– А то, что играли-то, разумеется, на языке подлинника. И как дошло до этого, помнишь, душераздирающего диалога в первом акте… – Мокий Нилович с легкостью перешел на ханьское наречие и, безукоризненно тонируя слоги, демонстрируя при том незаурядное артистическое дарование, процитировал наизусть: – «Ни хуй бу хуй дайлай хуйхуйжэнь дао дахуй?» – «Во чжэгэ е бу хуй». – «Дуй…»[16]
– тут в зале дикий гвалт поднялся, актеров забросали гнильем, а потом, буквально на следующий день, асланiвський меджлис принял постановление о запрещении публичного пользования ханьским наречием на всей территории уезда – он, дескать, является грубым, пошлым и оскорбляет слух любого воспитанного человека.– Но это же противуречит народоправственным эдиктам и уложениям!
– Правильно, противуречит. Так сказать, дуй. Ну и что в связи с этим прикажешь делать?

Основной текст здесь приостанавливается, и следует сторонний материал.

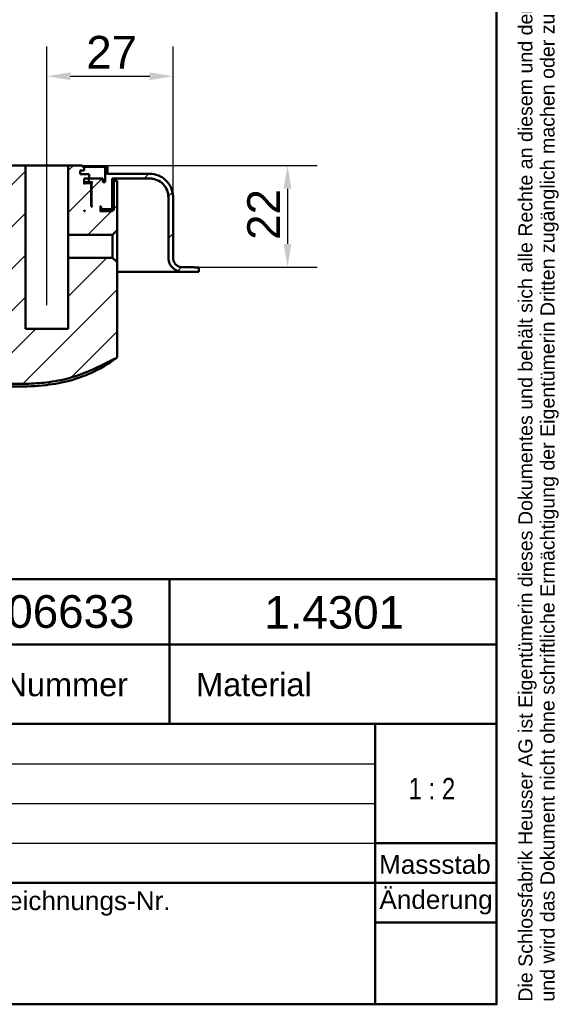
# Model space of a CAD drawing. Header units: millimetres. Extents: x 20 to 833, y 20 to 574.
# Tile 13 of 21: x 718 to 833, y 20 to 231. Entities that reach past the tile are written whole.
import ezdxf
from ezdxf.enums import TextEntityAlignment as Align

# ---------------------------------------------------------------- set-up
doc = ezdxf.new("R2010")
doc.units = ezdxf.units.MM
doc.header["$LTSCALE"] = 2
for name, color, linetype, lineweight in [('Bemaßungen(DIN)', 7, 'Continuous', 25), ('Mittellinie(DIN)', 7, 'Continuous', 25), ('Sichtbare Kanten(DIN)', 7, 'Continuous', 50), ('Skizziergeometrie(DIN)', 7, 'Continuous', 50), ('Skizzierlinie(DIN)', 7, 'Continuous', 25), ('Symbole(DIN)', 7, 'Continuous', 25)]:
    doc.layers.add(name, color=color, linetype=linetype, lineweight=lineweight)
doc.layers.add('Schraffur', color=179, linetype='Continuous', lineweight=9, true_color=0x1e1e47)
doc.styles.add('Aktuell-DIN', font='arial.ttf')
doc.styles.add('STANDARD-DIN~0', font='arial.ttf')
doc.styles.add('Textstil10', font='arial.ttf')
doc.styles.add('Textstil41', font='arial.ttf', dxfattribs={"width": 0.8})
doc.styles.add('Textstil83', font='arial.ttf', dxfattribs={"width": 0.8})
doc.dimstyles.new('CAD-LAN', dxfattribs={"dimscale": 2, "dimtxt": 3.5, "dimasz": 2.5, "dimexe": 3.175, "dimexo": 0, "dimgap": 0.8, "dimtad": 1, "dimrnd": 1e-08, "dimtxsty": 'STANDARD-DIN~0', "dimcen": 0.09, "dimdle": 10, "dimclrd": 250, "dimclre": 250, "dimclrt": 250, "dimadec": 0, "dimazin": 2, "dimtfac": 1, "dimtmove": 0, "dimatfit": 3, "dimfxl": 1, "dimtolj": 1, "dimtzin": 0, "dimlwd": 25, "dimlwe": 25, "dimarcsym": 0})

# ---------------------------------------------------------------- blocks, each defined once
blk = doc.blocks.new('Ränder Standardrahmen')
at = {"layer": 'Skizziergeometrie(DIN)', "flags": 128}
blk.add_lwpolyline([(10, 10), (10, 287), (410, 287), (410, 10), (10, 10)], dxfattribs=at)
blk = doc.blocks.new('Schriftfelder Heusser')
at = {"layer": 'Skizziergeometrie(DIN)'}
for p, q in [((101, 236.92), (291, 236.92)), ((256, 229.92), (256, 236.92)), ((291, 236.92), (291, 229.92)), ((101, 229.92), (291, 229.92)), ((256, 229.92), (256, 221.42)), ((291, 229.92), (291, 191.42)), ((101, 221.42), (291, 221.42)), ((278, 221.42), (278, 191.42)), ((278, 208.67), (291, 208.67)), ((101, 204.42), (291, 204.42)), ((278, 200.17), (291, 200.17)), ((291, 191.42), (101, 191.42))]:
    blk.add_line(p, q, dxfattribs=at)
at = {"layer": 'Skizzierlinie(DIN)'}
for p, q in [((162.35, 217.17), (278, 217.17)), ((162.35, 212.92), (278, 212.92)), ((162.35, 208.67), (278, 208.67))]:
    blk.add_line(p, q, dxfattribs=at)
at = {"layer": 'Symbole(DIN)', "color": 7, "insert": (293.33, 191.7), "char_height": 1.5, "width": 182.3003, "attachment_point": 1, "rotation": 90, "line_spacing_factor": 0.944221, "style": 'Aktuell-DIN'}
blk.add_mtext('\\fArial|b0|i0;\\H1.5000;Die Schlossfabrik Heusser AG ist Eigentümerin dieses Dokumentes und behält sich alle Rechte an diesem und dem dargestellten Gegenstand vor. Der Empfänger anerkennt diese Rechte\\Pund wird das Dokument nicht ohne schriftliche Ermächtigung der Eigentümerin Dritten zugänglich machen oder zu anderen Zwecken verwenden, zu dem es ihm übergeben worden ist.\\P ', dxfattribs=at)
at = {"layer": 'Symbole(DIN)', "color": 179, "true_color": 0x262659, "style": 'Aktuell-DIN'}
for s, insert, char_height, attachment_point in [('B-Nummer', (234.74, 225.62), 2.489, 4), ('Material', (265.02, 225.62), 2.489, 5), ('\\fArial|b0|i0;\\H2.0000;Massstab', (284.39, 206.37), 2, 5), ('\\fArial|b0|i0;Zeichnungs-Nr.', (237, 203.5), 2, 1)]:
    blk.add_mtext(s, dxfattribs=dict(at, insert=insert, char_height=char_height, attachment_point=attachment_point))
at = {"layer": 'Symbole(DIN)', "color": 179, "true_color": 0x262659, "insert": (284.51, 202.33), "char_height": 2, "width": 12.1143, "attachment_point": 5, "style": 'Aktuell-DIN'}
blk.add_mtext('\\fArial|b0|i0;Änderung', dxfattribs=at)
at = {"layer": 'Symbole(DIN)', "color": 179, "true_color": 0x262659, "style": 'Textstil10'}
blk.add_attdef('ERSTELLUNGSDATUM_001', (217.23, 218.29), '', height=2, dxfattribs=at)
at = {"layer": 'Symbole(DIN)', "color": 179, "true_color": 0x262659}
for tag, height, style, p in [('AUTOR', 2.49, 'Aktuell-DIN', (240.03, 219.26)), ('KONTROLLDATUM', 2, 'Textstil10', (217.42, 215.04)), ('KONTROLLIERT_VON', 2, 'Textstil10', (239.98, 215.05))]:
    blk.add_attdef(tag, text='', height=height, dxfattribs=dict(at, style=style)).set_placement(p, align=Align.MIDDLE_LEFT)
at = {"layer": 'Symbole(DIN)', "color": 7, "style": 'Textstil83', "width": 0.8}
blk.add_attdef('Anfänglicher_Ansichtsmaßstab_001', (281.57, 213.34), '', height=2.3, dxfattribs=at)
at = {"layer": 'Symbole(DIN)', "color": 179, "true_color": 0x262659, "style": 'Textstil10'}
blk.add_attdef('PROJEKT', text='', height=2, dxfattribs=at).set_placement((217.77, 209.72), align=Align.BOTTOM_LEFT)
at = {"layer": 'Symbole(DIN)', "color": 7, "style": 'Textstil41', "width": 0.8}
blk.add_attdef('STATUS', text='', height=5, dxfattribs=at).set_placement((284.53, 195.86), align=Align.MIDDLE_CENTER)
blk = doc.blocks.new('*D26')
at = {"layer": 'Bemaßungen(DIN)', "color": 250, "linetype": 'Continuous', "lineweight": 25, "true_color": 0x3f3f3f, "transparency": 16777216}
for p, q in [((723.73, 204.57), (723.73, 225.01)), ((750.73, 192.77), (750.73, 225.01)), ((728.73, 218.66), (745.73, 218.66))]:
    blk.add_line(p, q, dxfattribs=at)
at = {"layer": 'Bemaßungen(DIN)', "color": 250, "linetype": 'Continuous', "true_color": 0x3f3f3f, "transparency": 16777216}
for points in [[(728.73, 219.49), (728.73, 217.83), (723.73, 218.66)], [(745.73, 219.49), (745.73, 217.83), (750.73, 218.66)]]:
    blk.add_solid(points, dxfattribs=at)
at = {"layer": 'Defpoints', "color": 0, "linetype": 'Continuous', "transparency": 16777216}
for p in [(750.73, 218.66), (723.73, 204.57), (750.73, 192.77)]:
    blk.add_point(p, dxfattribs=at)
at = {"layer": 'Bemaßungen(DIN)', "color": 250, "linetype": 'Continuous', "lineweight": 25, "true_color": 0x3f3f3f, "transparency": 16777216, "insert": (732.16, 227.29), "char_height": 7, "attachment_point": 1, "style": 'STANDARD-DIN~0'}
blk.add_mtext('\\A1;27', dxfattribs=at)
blk = doc.blocks.new('*D27')
at = {"layer": 'Bemaßungen(DIN)', "color": 250, "linetype": 'Continuous', "lineweight": 25, "true_color": 0x3f3f3f, "transparency": 16777216}
for p, q in [((731.23, 199.57), (781.58, 199.57)), ((775.23, 194.57), (775.23, 182.77)), ((755.23, 177.77), (781.58, 177.77))]:
    blk.add_line(p, q, dxfattribs=at)
at = {"layer": 'Bemaßungen(DIN)', "color": 250, "linetype": 'Continuous', "true_color": 0x3f3f3f, "transparency": 16777216}
for points in [[(774.4, 194.57), (776.07, 194.57), (775.23, 199.57)], [(774.4, 182.77), (776.07, 182.77), (775.23, 177.77)]]:
    blk.add_solid(points, dxfattribs=at)
at = {"layer": 'Defpoints', "color": 0, "linetype": 'Continuous', "transparency": 16777216}
for p in [(731.23, 199.57), (755.23, 177.77), (775.23, 177.77)]:
    blk.add_point(p, dxfattribs=at)
at = {"layer": 'Bemaßungen(DIN)', "color": 250, "linetype": 'Continuous', "lineweight": 25, "true_color": 0x3f3f3f, "transparency": 16777216, "insert": (766.61, 183.63), "char_height": 7, "attachment_point": 1, "rotation": 90, "style": 'STANDARD-DIN~0'}
blk.add_mtext('\\A1;22', dxfattribs=at)

msp = doc.modelspace()

# ---------------------------------------------------------------- hatches: boundary and pattern name
at = {"layer": 'Schraffur'}
h = msp.add_hatch(dxfattribs=at)
h.set_pattern_fill('ANSI31', color=256, scale=50.8, style=0)
h.set_pattern_definition([(45, (0, 0), (-4.49013, 4.49013), [])])
edge = h.paths.add_edge_path()
edge.add_line((749.734, 192.771), (749.734, 179.771))
edge.add_spline(control_points=[(749.734, 179.771), (749.734, 179.563), (749.755, 179.355), (749.84, 178.953), (749.901, 178.76), (750.14, 178.212), (750.368, 177.885), (750.928, 177.345), (751.253, 177.134), (751.966, 176.845), (752.347, 176.771), (752.734, 176.771)], knot_values=[-0.4735831, -0.4735831, -0.4735831, -0.4735831, -0.4108832, -0.4108832, -0.3500812, -0.3500812, -0.2314327, -0.2314327, -0.1160757, -0.1160757, -0.0000071, -0.0000071, -0.0000071, -0.0000071], degree=3, periodic=0)
edge.add_line((752.734, 176.771), (756.234, 176.771))
edge.add_line((756.234, 176.771), (756.234, 177.741))
edge.add_line((756.234, 177.741), (755.234, 177.741))
edge.add_line((755.234, 177.741), (755.234, 177.771))
edge.add_line((755.234, 177.771), (752.734, 177.771))
edge.add_spline(control_points=[(752.734, 177.771), (752.595, 177.771), (752.456, 177.786), (752.188, 177.842), (752.06, 177.883), (751.695, 178.042), (751.476, 178.194), (751.116, 178.567), (750.975, 178.784), (750.783, 179.26), (750.734, 179.513), (750.734, 179.771)], knot_values=[-0.3157143, -0.3157143, -0.3157143, -0.3157143, -0.2739221, -0.2739221, -0.2333875, -0.2333875, -0.1542884, -0.1542884, -0.0773838, -0.0773838, 0, 0, 0, 0], degree=3, periodic=0)
edge.add_line((750.734, 179.771), (750.734, 192.771))
edge.add_spline(control_points=[(750.734, 192.771), (750.734, 193.119), (750.698, 193.465), (750.557, 194.136), (750.455, 194.457), (750.057, 195.369), (749.677, 195.915), (748.744, 196.815), (748.202, 197.168), (747.013, 197.649), (746.379, 197.771), (745.734, 197.771)], knot_values=[-0.7893052, -0.7893052, -0.7893052, -0.7893052, -0.6848053, -0.6848053, -0.5834686, -0.5834686, -0.3857211, -0.3857211, -0.1934595, -0.1934595, 0, 0, 0, 0], degree=3, periodic=0)
edge.add_line((745.734, 197.771), (736.734, 197.771))
edge.add_line((736.734, 197.771), (736.734, 199.271))
edge.add_line((736.734, 199.271), (736.234, 199.271))
edge.add_line((736.234, 199.271), (736.234, 195.971))
edge.add_line((736.234, 195.971), (735.734, 195.971))
edge.add_line((735.734, 195.971), (735.734, 196.771))
edge.add_line((735.734, 196.771), (732.75, 196.771))
edge.add_line((732.75, 196.771), (732.75, 197.671))
edge.add_line((732.75, 197.671), (730.834, 197.671))
edge.add_line((730.834, 197.671), (730.834, 198.471))
edge.add_line((730.834, 198.471), (731.734, 198.471))
edge.add_line((731.734, 198.471), (731.734, 199.071))
edge.add_line((731.734, 199.071), (731.234, 199.571))
edge.add_line((731.234, 199.571), (728.284, 199.571))
edge.add_line((728.284, 199.571), (728.284, 184.73))
edge.add_line((728.284, 184.73), (737.792, 184.73))
edge.add_line((737.792, 184.73), (738.777, 185.714))
edge.add_line((738.777, 185.714), (738.777, 193.771))
edge.add_line((738.777, 193.771), (738.777, 196.271))
edge.add_line((738.777, 196.271), (738.034, 196.271))
edge.add_line((738.034, 196.271), (738.034, 190.071))
edge.add_line((738.034, 190.071), (737.734, 189.771))
edge.add_line((737.734, 189.771), (735.034, 189.771))
edge.add_line((735.034, 189.771), (735.234, 189.971))
edge.add_line((735.234, 189.971), (735.234, 190.571))
edge.add_line((735.234, 190.571), (735.034, 190.771))
edge.add_line((735.034, 190.771), (735.334, 190.771))
edge.add_line((735.334, 190.771), (735.334, 190.271))
edge.add_line((735.334, 190.271), (735.434, 190.171))
edge.add_line((735.434, 190.171), (737.534, 190.171))
edge.add_line((737.534, 190.171), (737.734, 190.371))
edge.add_line((737.734, 190.371), (737.734, 196.771))
edge.add_line((737.734, 196.771), (745.734, 196.771))
edge.add_spline(control_points=[(745.734, 196.771), (746.012, 196.771), (746.289, 196.743), (746.825, 196.63), (747.083, 196.548), (747.812, 196.23), (748.249, 195.926), (748.969, 195.179), (749.251, 194.746), (749.636, 193.794), (749.734, 193.287), (749.734, 192.771)], knot_values=[-0.6314442, -0.6314442, -0.6314442, -0.6314442, -0.5478443, -0.5478443, -0.4667749, -0.4667749, -0.3085769, -0.3085769, -0.1547676, -0.1547676, 0, 0, 0, 0], degree=3, periodic=0)
h.paths.add_polyline_path([(733.234, 190.771), (733.234, 195.571), (733.034, 195.771), (731.934, 195.771), (731.734, 195.571), (731.734, 196.771), (732.734, 196.771), (732.734, 195.971), (733.484, 195.971), (733.284, 195.771), (733.284, 190.971), (733.484, 190.771)], flags=0)
h.paths.add_polyline_path([(731.934, 189.771), (731.734, 189.771), (731.734, 189.971)], flags=0)
edge = h.paths.add_edge_path()
edge.add_line((542.234, 177.771), (542.234, 176.771))
edge.add_line((542.234, 176.771), (556.734, 176.771))
edge.add_spline(control_points=[(556.734, 176.771), (556.943, 176.771), (557.15, 176.793), (557.552, 176.877), (557.745, 176.939), (558.293, 177.177), (558.62, 177.405), (559.16, 177.966), (559.372, 178.29), (559.661, 179.004), (559.734, 179.384), (559.734, 179.771)], knot_values=[-0.4735814, -0.4735814, -0.4735814, -0.4735814, -0.4108832, -0.4108832, -0.3500812, -0.3500812, -0.2314327, -0.2314327, -0.1160757, -0.1160757, 0, 0, 0, 0], degree=3, periodic=0)
edge.add_line((559.734, 179.771), (559.734, 214.771))
edge.add_spline(control_points=[(559.734, 214.771), (559.734, 215.05), (559.762, 215.326), (559.875, 215.863), (559.957, 216.12), (560.275, 216.85), (560.579, 217.286), (561.326, 218.006), (561.759, 218.288), (562.711, 218.674), (563.218, 218.771), (563.734, 218.771)], knot_values=[-0.6314442, -0.6314442, -0.6314442, -0.6314442, -0.5478443, -0.5478443, -0.4667749, -0.4667749, -0.3085769, -0.3085769, -0.1547676, -0.1547676, 0, 0, 0, 0], degree=3, periodic=0)
edge.add_line((563.734, 218.771), (682.136, 218.771))
edge.add_spline(control_points=[(682.136, 218.771), (682.624, 218.771), (683.104, 218.684), (683.999, 218.343), (684.406, 218.099), (685.148, 217.453), (685.468, 217.045), (685.935, 216.129), (686.076, 215.633), (686.121, 215.12)], knot_values=[-0.5965767, -0.5965767, -0.5965767, -0.5965767, -0.4502726, -0.4502726, -0.3087981, -0.3087981, -0.1544759, -0.1544759, 0, 0, 0, 0], degree=3, periodic=0)
edge.add_line((686.121, 215.12), (687.327, 201.336))
edge.add_spline(control_points=[(687.327, 201.336), (687.38, 200.728), (687.542, 200.14), (688.064, 199.062), (688.412, 198.582), (689.297, 197.729), (689.84, 197.375), (691.031, 196.893), (691.664, 196.771), (692.308, 196.771)], knot_values=[-0.7457209, -0.7457209, -0.7457209, -0.7457209, -0.5628408, -0.5628408, -0.3859976, -0.3859976, -0.1930948, -0.1930948, 0, 0, 0, 0], degree=3, periodic=0)
edge.add_line((692.308, 196.771), (709.734, 196.771))
edge.add_line((709.734, 196.771), (709.734, 190.371))
edge.add_line((709.734, 190.371), (709.934, 190.171))
edge.add_line((709.934, 190.171), (712.034, 190.171))
edge.add_line((712.034, 190.171), (712.134, 190.271))
edge.add_line((712.134, 190.271), (712.134, 190.771))
edge.add_line((712.134, 190.771), (712.434, 190.771))
edge.add_line((712.434, 190.771), (712.234, 190.571))
edge.add_line((712.234, 190.571), (712.234, 189.971))
edge.add_line((712.234, 189.971), (712.434, 189.771))
edge.add_line((712.434, 189.771), (709.734, 189.771))
edge.add_line((709.734, 189.771), (709.434, 190.071))
edge.add_line((709.434, 190.071), (709.434, 196.271))
edge.add_line((709.434, 196.271), (708.59, 196.271))
edge.add_line((708.59, 196.271), (708.59, 193.771))
edge.add_line((708.59, 193.771), (708.59, 168.355))
edge.add_spline(control_points=[(708.59, 168.355), (708.59, 163.909), (708.59, 160.351), (705.063, 157.221), (701.036, 157.203), (696.003, 157.181)], knot_values=[0, 0, 0, 0, 0, 0, 1, 1, 1, 1, 1, 1], degree=5, periodic=0)
edge.add_spline(control_points=[(696.003, 157.181), (659.806, 157.023), (623.609, 156.88), (587.413, 157.009)], knot_values=[0.0000183, 0.0000183, 0.0000183, 0.0000183, 10.8591286, 10.8591286, 10.8591286, 10.8591286], degree=3, periodic=0)
edge.add_spline(control_points=[(587.413, 157.009), (580.876, 157.032), (574.916, 157.061), (568.724, 162.737), (568.697, 169.218), (568.663, 177.309)], knot_values=[0, 0, 0, 0, 0, 0, 1, 1, 1, 1, 1, 1], degree=5, periodic=0)
edge.add_spline(control_points=[(568.663, 177.309), (568.632, 184.606), (568.616, 188.493), (568.614, 191.857)], knot_values=[0, 0, 0, 0, 1.0033721, 1.0033721, 1.0033721, 1.0033721], weights=[1.044297, 1.00552, 1.0006869, 1.0000845], degree=3, periodic=0)
edge.add_spline(control_points=[(568.614, 191.857), (568.614, 192.424), (568.614, 192.931), (568.301, 193.271), (567.779, 193.271), (567.203, 193.271)], knot_values=[0, 0, 0, 0, 0, 0, 1, 1, 1, 1, 1, 1], degree=5, periodic=0)
edge.add_line((567.203, 193.271), (565.614, 193.271))
edge.add_spline(control_points=[(565.614, 193.271), (565.508, 193.271), (565.4, 193.271), (565.267, 193.234), (565.23, 193.218), (565.164, 193.172), (565.138, 193.144), (565.091, 193.069), (565.075, 193.022), (565.048, 192.89), (565.048, 192.797), (565.048, 192.706)], knot_values=[-0.0997525, -0.0997525, -0.0997525, -0.0997525, -0.0687231, -0.0687231, -0.0556331, -0.0556331, -0.0432165, -0.0432165, -0.0273736, -0.0273736, -0.0000528, -0.0000528, -0.0000528, -0.0000528], degree=3, periodic=0)
edge.add_spline(control_points=[(565.048, 192.706), (565.048, 190.78), (565.044, 188.941), (565.038, 187.005), (565.032, 185.065), (565.025, 183.067), (565.017, 181.137), (565.011, 179.851), (565.006, 178.566), (565, 177.28)], knot_values=[0, 0, 0, 0, 0.4100205, 0.4100205, 0.4100205, 0.82096, 0.82096, 0.82096, 1.0946134, 1.0946134, 1.0946134, 1.0946134], degree=3, periodic=0)
edge.add_spline(control_points=[(565, 177.28), (564.995, 176.144), (564.989, 175.005), (565.017, 173.791), (565.045, 172.577), (565.107, 171.51), (565.194, 170.592), (565.369, 168.755), (565.652, 167.259), (566.056, 165.85), (567.669, 160.213), (571.292, 156.33), (576.583, 154.567), (577.906, 154.126), (579.311, 153.812), (581.038, 153.61), (581.901, 153.509), (582.904, 153.434), (584.046, 153.394), (585.188, 153.353), (586.259, 153.35), (587.328, 153.345)], knot_values=[0, 0, 0, 0, 0.2406476, 0.2406476, 0.2406476, 0.4812952, 0.4812952, 0.4812952, 0.9625904, 0.9625904, 0.9625904, 2.8877711, 2.8877711, 2.8877711, 3.3690663, 3.3690663, 3.3690663, 3.6097139, 3.6097139, 3.6097139, 3.8503615, 3.8503615, 3.8503615, 3.8503615], degree=3, periodic=0)
edge.add_line((587.328, 153.345), (714.802, 152.799))
edge.add_spline(control_points=[(714.802, 152.799), (716.268, 152.792), (717.735, 152.785), (719.294, 152.829), (720.854, 152.873), (722.236, 152.963), (723.59, 153.118)], knot_values=[0, 0, 0, 0, 0.4403832, 0.4403832, 0.4403832, 0.8807664, 0.8807664, 0.8807664, 0.8807664], degree=3, periodic=0)
edge.add_spline(control_points=[(723.59, 153.118), (725.37, 153.321), (726.981, 153.626), (728.494, 154.047)], knot_values=[0, 0, 0, 0, 0.5001725, 0.5001725, 0.5001725, 0.5001725], degree=3, periodic=0)
edge.add_spline(control_points=[(728.494, 154.047), (730.029, 154.473), (731.71, 155.088), (733.536, 155.893)], knot_values=[0, 0, 0, 0, 0.5374565, 0.5374565, 0.5374565, 0.5374565], degree=3, periodic=0)
edge.add_spline(control_points=[(733.536, 155.893), (733.999, 156.097), (734.333, 156.251), (734.737, 156.447), (735.14, 156.643), (735.534, 156.844), (735.928, 157.047), (736.026, 157.098), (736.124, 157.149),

– Они что, ханьское наречие впервые услыхали?
– Кто теперь разберет…
Мужчины снова помолчали. Потом Богдан резко выпрямился.
– Раби Нилыч… Но ведь если артистов закидали гнильем, которое, заметь, у зрителей уже было с собой, стало быть, кто-то все заранее просчитал? Кто-то буквально спровоцировал это, пригласив ханбалыкскую Императорскую труппу?
Мокий Нилович прищурился.
– Вот именно, – жестко сказал он после паузы. – В корень смотришь, Богдан Рухович, сидеть тебе лет через десять в моем кресле… В корень.
– И это осталось без…
– Без чего?
Богдан не ответил. Нечего было ответить.
Мокий Нилович продолжал:
– Понимаешь, какая жмеринка… Оказалось, что князь и его администрация в такой ситуации совершенно беспомощны. Совершенно. Если преступление совершает один человек, два, десять даже – все ясно. Если какой-то конкретный фигурант или конкретный печатный орган вдруг, не приведи Господи, бабахнул бы: режь, например, эвенков – все тоже ясно. Разжигание межнациональной розни. Каторга, или там бритье подмышек с последующим пожизненным [17]
… Но когда вдруг, в течение считанных лет, целый народ вдруг перестает хотеть жить вместе со всеми остальными народами, то непонятно, что делать. Последние казусы такого рода бывали у нас века полтора назад, и там еще все было по танскому уложению: Третье из Десяти Зол, Умысел измены, а, стало быть, вразумляющая армия вперед! И – всех уцелевших отделенцев ждет гостеприимный солнечный Таймыр. Но ведь двадцать первый век на носу. Танками, что ли, ты станешь давить детские древнеискательские кружки да публицистов, сообщающих, что асланiвцы древней синантропа? И какой же ты после этого православный?Богдан молчал.
– Ладно бы там был компактный анклав. Идите с миром. Но ведь у них перемешанность такая же, как и везде. И вот уже стенка на стенку дерутся. По кварталам разделились, и не дай Бог в одиночку или, скажем, в темноте в чужой квартал забрести – костей не найдут… И все друг друга обвиняют в преумножении насилия, а князя – хором – в попустительстве.
Богдан молчал, и только сутулился все сильнее, будто на плечи ему медленно, но неотвратимо, опускался многотонный заводской пресс.
– А теперь езжай, – сказал Мокий Нилович. – Прости, что я тебе все это так вывалил – у тебя своя беда… Но будет у меня к тебе просьба, Богдан. Глаз у тебя острый, сердце доброе, а голова на плечах – дай Бог каждому. Присмотрись там. Чует мое сердце – не случайно профессор этот пропал. Жена твоя тут по нелепости влипла, скорее всего, но он… не случайно. Западные варвары за всей этой катавасией так следят – аж слюнки у них текут от удовольствия. Вдруг тебе какие-то потайные, подноготные шестеренки откроются.
Богдан помолчал. С постом опять повременить придется, вдруг пришло ему в голову.
– Присмотрюсь, Мокий Нилович, – сказал он и встал.
– Бог тебе в помощь, Богдан, – проговорил, тоже вставая, Великий муж.